* **Problem details**
Of all the lines in the entries below, give again exactly those starting at the line containing "#4618=ORIENTED_EDGE('',*,*,#4604,.F.);" and ending at the line containing "#4604=EDGE_CURVE('',#2556,#2555,#1601,.T.);", both ends included, and no others.

::: Data for review

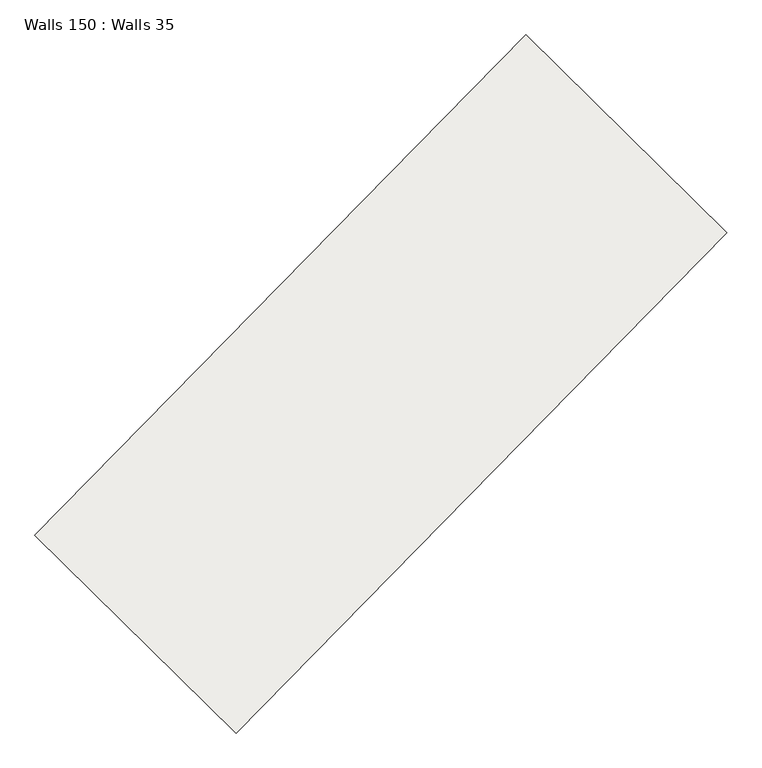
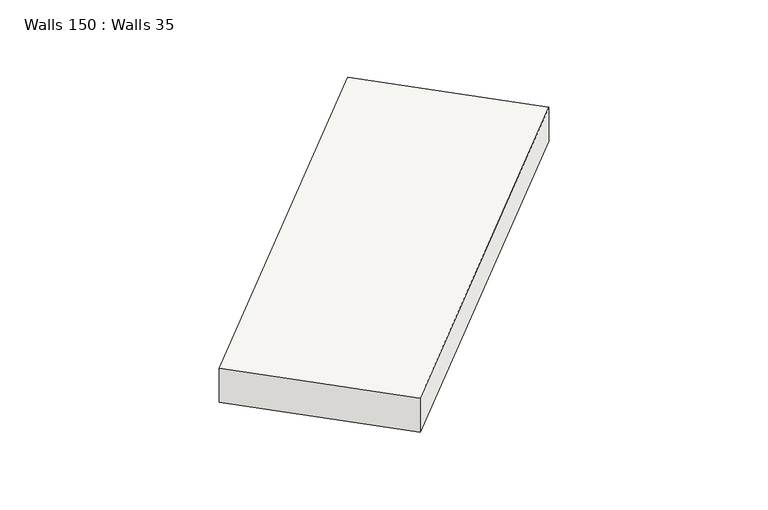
"""IFC4 building model written with IfcOpenShell, lengths in millimetres: slab geometry, Walls 150 : Walls 35."""

from ifc_helpers import new_model, si_unit, frame, origin, place, context, project, spatial, polyline, outline, extrude, source, transform, mapped, element, save


def walls_150_walls_35_e28580ca(model_context):
    return source(origin(), model_context, "Body", "SweptSolid", [
        extrude(outline(polyline([(-350.0, 0.0), (350.0, 0.0), (260.0, -8699.9999943), (-440.0, -8699.9999943), (-350.0, 0.0)])), frame((-170642.5101028, -333090.3025143, 635970.0), z_axis=(-0.713736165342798, 0.7004146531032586, 0.0), x_axis=(0.0, 0.0, 1.0)), (0.0, 0.0, 1.0), 3499.999995),
    ])


if __name__ == "__main__":
    model = new_model("IFC4")
    model_context = context("Model", 3, world=origin())
    ifc_project = project(units=[si_unit("LENGTHUNIT", "METRE", prefix="MILLI")], contexts=[model_context])
    site = spatial("IfcSite", under=ifc_project)
    building = spatial("IfcBuilding", under=site)
    placement = place(None, origin())
    walls_150_walls_35_shape = walls_150_walls_35_e28580ca(model_context)
    element("IfcSlab", 1, ObjectType="Walls 150 : Walls 35", at=placement, inside=building, context=model_context, shape_type="MappedRepresentation", body=[
        mapped(walls_150_walls_35_shape, transform((0.0, 0.0, 0.0), x_axis=(1.0, 0.0, 0.0), y_axis=(0.0, 1.0, 0.0), z_axis=(0.0, 0.0, 1.0))),
    ])
    save(model, "model.ifc")
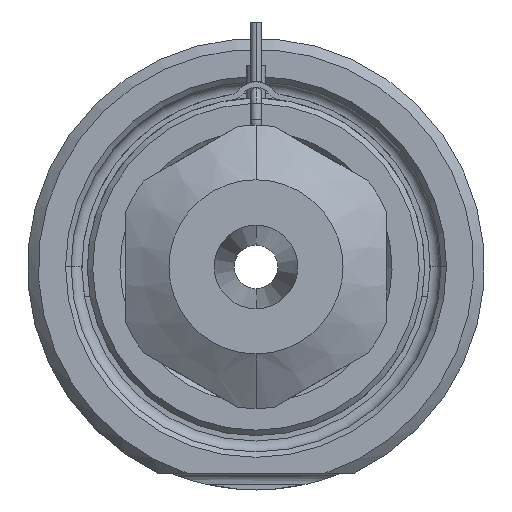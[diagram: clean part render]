
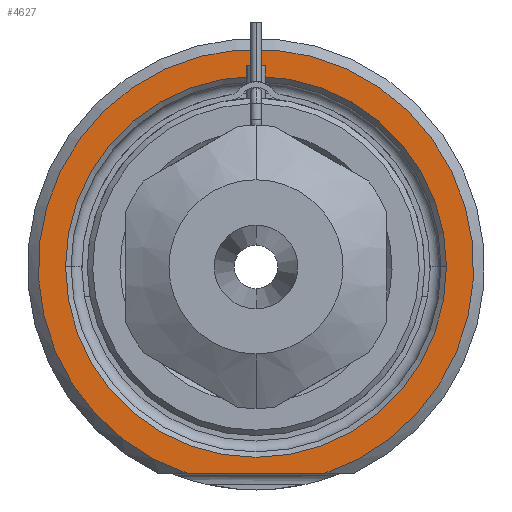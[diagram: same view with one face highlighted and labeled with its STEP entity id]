
A CAD part, front view. The second image highlights one B-rep face of the part: STEP entity #4627.
In plain terms, the highlighted planar face has unit normal (0, -1, 0).
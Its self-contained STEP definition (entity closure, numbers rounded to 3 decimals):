
#1597=CARTESIAN_POINT('',(0.,0.,0.));
#1598=DIRECTION('',(0.,-1.,0.));
#1599=DIRECTION('',(0.312,0.,-0.95));
#1600=AXIS2_PLACEMENT_3D('',#1597,#1598,#1599);
#1621=DIRECTION('',(1.,0.,0.));
#1622=VECTOR('',#1621,12.49);
#1623=CARTESIAN_POINT('',(-6.245,0.,-19.));
#1624=LINE('',#1623,#1622);
#1625=CARTESIAN_POINT('',(0.,0.,0.));
#1626=DIRECTION('',(0.,1.,0.));
#1627=DIRECTION('',(-1.,0.,0.));
#1628=AXIS2_PLACEMENT_3D('',#1625,#1626,#1627);
#1630=CARTESIAN_POINT('',(0.,0.,0.));
#1631=DIRECTION('',(0.,1.,0.));
#1632=DIRECTION('',(1.,0.,0.));
#1633=AXIS2_PLACEMENT_3D('',#1630,#1631,#1632);
#2509=CARTESIAN_POINT('',(-17.5,0.,0.));
#2510=CARTESIAN_POINT('',(17.5,0.,0.));
#2511=VERTEX_POINT('',#2509);
#2512=VERTEX_POINT('',#2510);
#2553=CARTESIAN_POINT('',(-6.245,0.,-19.));
#2554=CARTESIAN_POINT('',(6.245,0.,-19.));
#2555=VERTEX_POINT('',#2553);
#2556=VERTEX_POINT('',#2554);
#4612=CARTESIAN_POINT('',(0.,0.,0.));
#4613=DIRECTION('',(0.,-1.,0.));
#4614=DIRECTION('',(1.,0.,0.));
#4615=AXIS2_PLACEMENT_3D('',#4612,#4613,#4614);
#4616=PLANE('',#4615);
#4617=ORIENTED_EDGE('',*,*,#4544,.F.);
#4618=ORIENTED_EDGE('',*,*,#4604,.F.);
#4619=EDGE_LOOP('',(#4617,#4618));
#4620=FACE_OUTER_BOUND('',#4619,.F.);
#4622=ORIENTED_EDGE('',*,*,#4621,.F.);
#4624=ORIENTED_EDGE('',*,*,#4623,.F.);
#4625=EDGE_LOOP('',(#4622,#4624));
#4626=FACE_BOUND('',#4625,.F.);
#4627=ADVANCED_FACE('',(#4620,#4626),#4616,.T.);
#1601=CIRCLE('',#1600,20.);
#1629=CIRCLE('',#1628,17.5);
#1634=CIRCLE('',#1633,17.5);
#4544=EDGE_CURVE('',#2555,#2556,#1624,.T.);
#4604=EDGE_CURVE('',#2556,#2555,#1601,.T.);
#4621=EDGE_CURVE('',#2511,#2512,#1629,.T.);
#4623=EDGE_CURVE('',#2512,#2511,#1634,.T.);
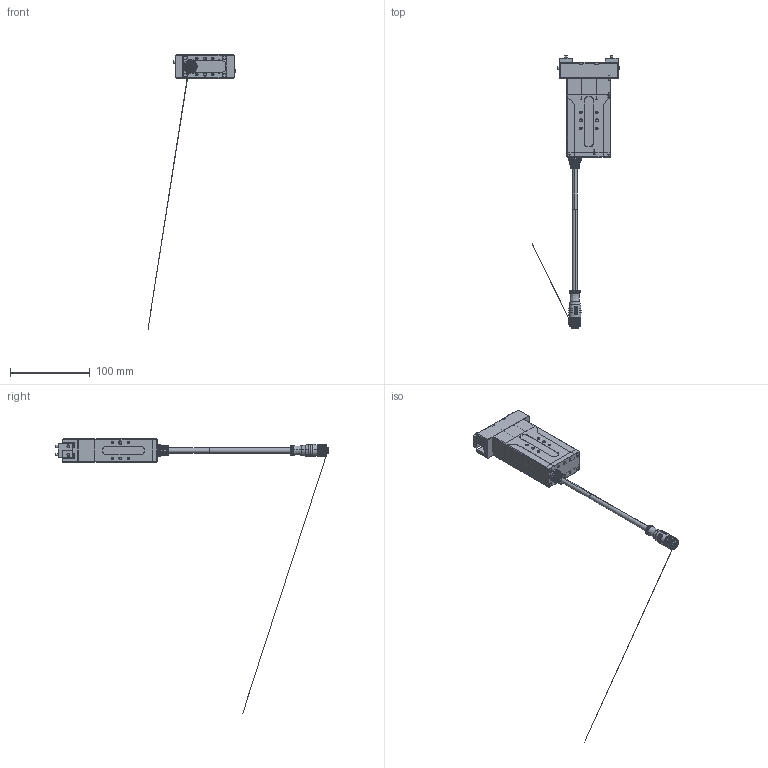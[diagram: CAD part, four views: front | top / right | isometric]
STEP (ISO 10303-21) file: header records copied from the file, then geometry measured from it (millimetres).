
FILE_DESCRIPTION (( 'STEP AP214' ), '1' );
FILE_NAME ('PGE-50-40-W-B-潠眢耀倰.STEP', '2023-08-24T06:54:36', ( '' ), ( '' ), 'SwSTEP 2.0', 'SolidWorks 2020', '' );
FILE_SCHEMA (( 'AUTOMOTIVE_DESIGN' ));
Length unit declared in the file: millimetre
Products named in the file (3): PGE-50-40忒硌; PGE-50-40-W-B-; PGE-50-40-W-B-潠眢耀倰
Assembly tree (3 placements, depth 2):
  PGE-50-40-W-B-潠眢耀倰
    PGE-50-40-W-B-
    PGE-50-40忒硌  x2
Bounding box: 110.26 x 341.3 x 343.59 mm (x, y, z)
Volume: 15613.3 mm3; surface area: 56609.3 mm2
Topology: 6 solids, 23 shells, 1649 faces, 3983 edges, 2476 vertices
Faces by surface type: plane 657, cylinder 395, cone 311, bspline 247, torus 38, sphere 1
Full cylindrical faces by diameter (mm): 11.1 x3
Entity records: 78381 total; most frequent: CARTESIAN_POINT 27425, ORIENTED_EDGE 7394, DIRECTION 6382, EDGE_CURVE 3701, AXIS2_PLACEMENT_3D 2344, VERTEX_POINT 2328, EDGE_LOOP 1719, LINE 1694

::::::

* **Your response**
#4618=ORIENTED_EDGE('',*,*,#4604,.F.);
#4619=EDGE_LOOP('',(#4617,#4618));
#4620=FACE_OUTER_BOUND('',#4619,.F.);
#4622=ORIENTED_EDGE('',*,*,#4621,.F.);
#4624=ORIENTED_EDGE('',*,*,#4623,.F.);
#4625=EDGE_LOOP('',(#4622,#4624));
#4626=FACE_BOUND('',#4625,.F.);
#4627=ADVANCED_FACE('',(#4620,#4626),#4616,.T.);
#1601=CIRCLE('',#1600,20.);
#1629=CIRCLE('',#1628,17.5);
#1634=CIRCLE('',#1633,17.5);
#4544=EDGE_CURVE('',#2555,#2556,#1624,.T.);
#4604=EDGE_CURVE('',#2556,#2555,#1601,.T.);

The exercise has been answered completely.